Se diría que el trato
del poder (o de todos, más bien) a los mayores, entre la desfachatez y la
hipocresía y tan suficiente como negligente, se dirige a aniquilar el número justo
de ellos para que la senectud siga siendo a nivel ideológico, o sea imaginario,
icónico o como se diga, la vaca sagrada ficticia de una sociedad viejuna pero
asentada sobre el culto a lo joven, que tiene que rendir tanta pleitesía al adolescente
sin futuro como adulación geriátrica al sector provecto en alza que, aunque
despreciado, es la base real de la familia (por edad y refugio económico), la
propiedad (por acumulación) y el estado (por votar y mantener las instituciones
aunque solo sea por la necesidad de creer en ellas, qué remedio).
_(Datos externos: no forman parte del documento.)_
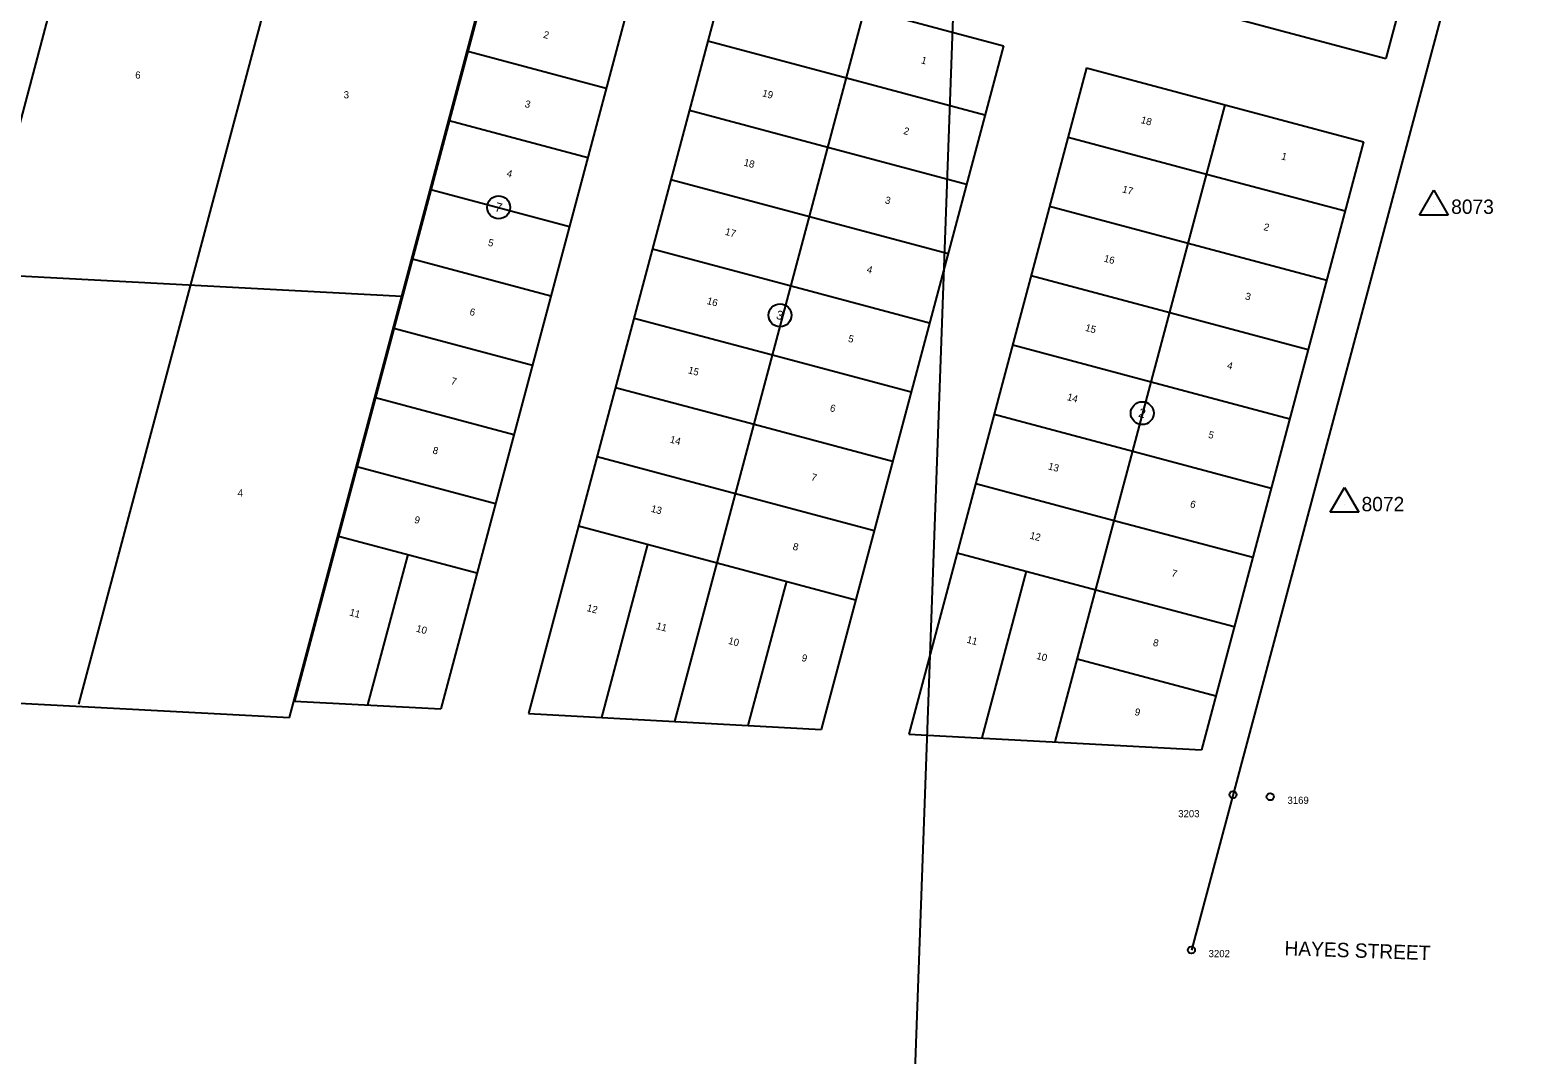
# Model space of a CAD drawing. Extents: x 7581380 to 7602708, y 543740 to 556109.
# Drawn here: x 7593146 to 7594197, y 548117 to 548831 of the extents above; entities that cross this region are included whole.
import ezdxf

# ---------------------------------------------------------------- set-up
doc = ezdxf.new("R2010")
doc.units = 0
for name, color, linetype in [('E_SURV_BNDRY_CROW', 7, 'Continuous'), ('E_SURV_BNDRY_GovSixSectLine', 7, 'Continuous'), ('E_SURV_BNDRY_Property', 7, 'Continuous'), ('E_SURV_BNDRY_SROW', 7, 'Continuous'), ('E_SURV_BNDRY_SubdivisionTx', 7, 'Continuous'), ('E_SURV_MON_FdMon', 7, 'Continuous'), ('E_SURV_MON_FdMonTx', 7, 'Continuous'), ('E_SURV_NTW_SetNtwPt', 7, 'Continuous'), ('E_SURV_NTW_SetNtwPtTx', 7, 'Continuous'), ('P_RW_ALIGN_Sec', 7, 'Continuous')]:
    doc.layers.add(name, color=color, linetype=linetype)

msp = doc.modelspace()

# ---------------------------------------------------------------- linework, layer by layer
at = {"layer": 'E_SURV_BNDRY_CROW'}
for p, q in [((7593631.5, 548872), (7593824.7, 548820.4)), ((7593824.7, 548820.4), (7593697.5, 548343.6)), ((7593882.7, 548805), (7593758.7, 548340.3)), ((7593882.7, 548805), (7594075.9, 548753.4))]:
    msp.add_line(p, q, dxfattribs=at)
at = {"layer": 'E_SURV_BNDRY_GovSixSectLine'}
msp.add_lwpolyline([(7593837.4, 550167.1), (7593741.9, 547525.5)], dxfattribs=at)
at = {"layer": 'E_SURV_BNDRY_Property'}
for p, q in [((7593032.7, 548369.1), (7593188.4, 548953)), ((7593179.9, 548361.2), (7593335.7, 548945.2)), ((7593326.7, 548351.8), (7593476.5, 548913.3)), ((7593476.9, 548913.2), (7593330.2, 548363.3)), ((7593573.5, 548887.5), (7593432.2, 548357.8)), ((7593631.5, 548872), (7593493.5, 548354.6)), ((7593898.2, 548863), (7594091.4, 548811.4)), ((7593595.5, 548349.1), (7593728.1, 548846.2)), ((7593618.6, 548823.7), (7593715.2, 548797.9)), ((7593451.1, 548816.6), (7593547.7, 548790.8)), ((7593715.2, 548797.9), (7593811.8, 548772.1)), ((7593605.7, 548775.4), (7593702.3, 548749.6)), ((7593860.8, 548334.8), (7593979.3, 548779.2)), ((7593438.2, 548768.3), (7593534.9, 548742.5)), ((7593702.3, 548749.6), (7593799, 548723.8)), ((7593869.8, 548756.7), (7593966.4, 548730.9)), ((7593966.4, 548730.9), (7594063.1, 548705.1)), ((7593425.3, 548720), (7593522, 548694.2)), ((7593592.8, 548727.1), (7593689.5, 548701.3)), ((7593856.9, 548708.4), (7593953.6, 548682.6)), ((7593689.5, 548701.3), (7593786.1, 548675.5)), ((7593579.9, 548678.8), (7593676.6, 548653)), ((7593953.6, 548682.6), (7594050.2, 548656.8)), ((7593412.5, 548671.7), (7593509.1, 548645.9)), ((7593844, 548660.1), (7593940.7, 548634.3)), ((7593676.6, 548653), (7593773.2, 548627.2)), ((7593940.7, 548634.3), (7594037.3, 548608.5)), ((7593399.6, 548623.4), (7593496.2, 548597.6)), ((7593567.1, 548630.4), (7593663.7, 548604.7)), ((7593663.7, 548604.7), (7593760.3, 548578.9)), ((7593831.2, 548611.7), (7593927.8, 548586)), ((7593554.2, 548582.1), (7593650.8, 548556.4)), ((7593927.8, 548586), (7594024.4, 548560.2)), ((7593386.7, 548575.1), (7593483.3, 548549.3)), ((7593818.3, 548563.4), (7593914.9, 548537.7)), ((7593650.8, 548556.4), (7593747.4, 548530.6)), ((7593541.3, 548533.8), (7593637.9, 548508)), ((7593914.9, 548537.7), (7594011.5, 548511.9)), ((7593373.8, 548526.8), (7593470.4, 548501)), ((7593637.9, 548508), (7593734.5, 548482.3)), ((7593805.4, 548515.1), (7593902, 548489.3)), ((7593902, 548489.3), (7593998.6, 548463.6)), ((7593360.9, 548478.4), (7593457.5, 548452.7)), ((7593528.4, 548485.5), (7593625, 548459.7)), ((7593409.2, 548465.6), (7593381.2, 548360.6)), ((7593544.5, 548351.8), (7593576.7, 548472.6)), ((7593792.5, 548466.8), (7593889.1, 548441)), ((7593625, 548459.7), (7593721.6, 548434)), ((7593673.3, 548446.9), (7593646.5, 548346.3)), ((7593809.8, 548337.6), (7593840.8, 548453.9)), ((7593889.1, 548441), (7593985.7, 548415.3)), ((7593876.2, 548392.7), (7593972.8, 548366.9)), ((7593330.2, 548363.3), (7593432.2, 548357.8)), ((7593493.5, 548354.6), (7593697.5, 548343.6)), ((7593758.7, 548340.3), (7593962.8, 548329.3))]:
    msp.add_line(p, q, dxfattribs=at)
for points in [[(7594173.9, 549120.6), (7594091.4, 548811.4)], [(7591427.6, 548750.7), (7593405.1, 548645.7)], [(7594075.9, 548753.4), (7593962.8, 548329.3)], [(7591415.8, 548453.2), (7593326.7, 548351.8)]]:
    msp.add_lwpolyline(points, dxfattribs=at)
at = {"layer": 'E_SURV_BNDRY_SubdivisionTx'}
for centre in [(7593472.6, 548707.6), (7593668.9, 548632.4), (7593921.5, 548564.1)]:
    msp.add_circle(centre, 8, dxfattribs=at)
at = {"layer": 'E_SURV_MON_FdMon'}
for centre in [(7593984.8, 548298), (7594010.8, 548296.6), (7593955.8, 548189.7)]:
    msp.add_circle(centre, 2.5, dxfattribs=at)
at = {"layer": 'E_SURV_NTW_SetNtwPt'}
for p, q in [((7594115, 548702.3), (7594125, 548719.6)), ((7594125, 548719.6), (7594135, 548702.3)), ((7594125, 548708.1), (7594125, 548708.1)), ((7594135, 548702.3), (7594115, 548702.3)), ((7594052.5, 548495), (7594062.5, 548512.3)), ((7594062.5, 548512.3), (7594072.5, 548495)), ((7594062.5, 548500.7), (7594062.5, 548500.7)), ((7594072.5, 548495), (7594052.5, 548495))]:
    msp.add_line(p, q, dxfattribs=at)
at = {"layer": 'P_RW_ALIGN_Sec'}
msp.add_line((7594323.4, 549564.6), (7593955.8, 548189.7), dxfattribs=at)

# ---------------------------------------------------------------- texts
at = {"layer": 'E_SURV_BNDRY_SROW'}
msp.add_text('HAYES STREET', height=10, rotation=358.043, dxfattribs=at).set_placement((7594020.6, 548186.1))
at = {"layer": 'E_SURV_BNDRY_SubdivisionTx'}
for s, height, rotation, p in [('2', 5, 345.0633, (7593503.4, 548826)), ('1', 5, 345.0633, (7593766.9, 548808.2)), ('6', 5, 358.4615, (7593219.1, 548797.5)), ('3', 5, 358.4615, (7593364.5, 548783.7)), ('3', 5, 345.0633, (7593490.5, 548777.7)), ('19', 5, 345.0633, (7593656.1, 548785.2)), ('18', 5, 345.0633, (7593920.2, 548766.5)), ('2', 5, 345.0633, (7593754.6, 548758.9)), ('18', 5, 345.0633, (7593643.2, 548736.9)), ('1', 5, 345.0633, (7594018.1, 548741.2)), ('4', 5, 345.0633, (7593477.8, 548729.3)), ('17', 5, 345.0633, (7593907.2, 548718.2)), ('7', 6.3, 345.0633, (7593469.6, 548705.2)), ('3', 5, 345.0633, (7593741.7, 548710.6)), ('2', 5, 345.0633, (7594005.8, 548691.9)), ('5', 5, 345.0633, (7593464.8, 548681)), ('17', 5, 345.0633, (7593630.2, 548688.6)), ('4', 5, 345.0633, (7593729, 548662.3)), ('16', 5, 345.0633, (7593894.4, 548669.9)), ('16', 5, 345.0633, (7593617.5, 548640.3)), ('3', 5, 345.0633, (7593992.9, 548643.6)), ('6', 5, 345.0633, (7593452, 548632.7)), ('3', 6.3, 345.0633, (7593665.7, 548630)), ('15', 5, 345.0633, (7593881.4, 548621.6)), ('5', 5, 345.0633, (7593716, 548614)), ('15', 5, 345.0633, (7593604.4, 548592)), ('4', 5, 345.0633, (7593980.3, 548595.3)), ('7', 5, 345.0633, (7593439, 548584.4)), ('6', 5, 345.0633, (7593703.3, 548565.6)), ('14', 5, 345.0633, (7593868.7, 548573.3)), ('2', 6.3, 345.0633, (7593918.4, 548561.7)), ('5', 5, 345.0633, (7593967.2, 548547)), ('8', 5, 345.0633, (7593426.2, 548536.1)), ('14', 5, 345.0633, (7593591.7, 548543.7)), ('13', 5, 345.0633, (7593855.5, 548525)), ('7', 5, 345.0633, (7593690.2, 548517.4)), ('4', 5, 358.4615, (7593290.5, 548506)), ('13', 5, 345.0633, (7593578.5, 548495.4)), ('6', 5, 345.0633, (7593954.5, 548498.6)), ('9', 5, 345.0633, (7593413.4, 548487.7)), ('12', 5, 345.0633, (7593842.7, 548476.7)), ('8', 5, 345.0633, (7593677.4, 548469)), ('7', 5, 345.0633, (7593941.5, 548450.4)), ('11', 5, 345.0633, (7593368.2, 548423.1)), ('12', 5, 345.0633, (7593533.7, 548426.2)), ('10', 5, 345.0633, (7593414.7, 548411.8)), ('11', 5, 345.0633, (7593582.1, 548413.6)), ('10', 5, 345.0633, (7593632.4, 548403.3)), ('11', 5, 345.0633, (7593798.7, 548404.1)), ('8', 5, 345.0633, (7593928.6, 548402)), ('9', 5, 345.0633, (7593683.5, 548391.4)), ('10', 5, 345.0633, (7593847.3, 548392.8)), ('9', 5, 345.0633, (7593915.8, 548353.7))]:
    msp.add_text(s, height=height, rotation=rotation, dxfattribs=at).set_placement(p)
at = {"layer": 'E_SURV_MON_FdMonTx'}
for s, p in [('3169', (7594022.8, 548291.6)), ('3203', (7593946.6, 548282.3)), ('3202', (7593967.8, 548184.7))]:
    msp.add_text(s, height=5, dxfattribs=at).set_placement(p)
at = {"layer": 'E_SURV_NTW_SetNtwPtTx'}
for s, p in [('8073', (7594137, 548703.1)), ('8072', (7594074.5, 548495.7))]:
    msp.add_text(s, height=10, dxfattribs=at).set_placement(p)

doc.saveas('drawing.dxf')

Una esquizofrenia social que, con la incertidumbre subida de tono, llega a lo chirriante, cuando no a lo descacharrante de esos homenajes, con cánticos y aplausos a abueletes y otras reses propiciatorias para resaltar lo que los queremos y (sobre todo) ensalzar lo bien que se portan con ellos el poder y las instituciones.
Y es que el dicho de
Kant, “La inteligencia de un individuo se mide por la cantidad de
incertidumbres que es capaz de soportar”, solo es válido para un sujeto
autónomo, que es en quien pensaba él, y no en el dependiente, que hoy somos
casi todos, y más los longevos, cuya inteligencia se basa más en la resignación,
la obediencia y la confianza (sin fundamento) en los gestores de su
despreciable individualidad, que en la posibilidad de su propias potencias.
Y a
esperar que a la falsa caricia o el forzado halago por interés o impostura no
suceda el ahí te quedas, a morir como un número, cuando no la puñalada directa,
disimulada o no de quien, hechas las cuentas, ya no le sirves para nada. Salvo
para seguir proclamando la senectud como lo más venerable. Y utilitario.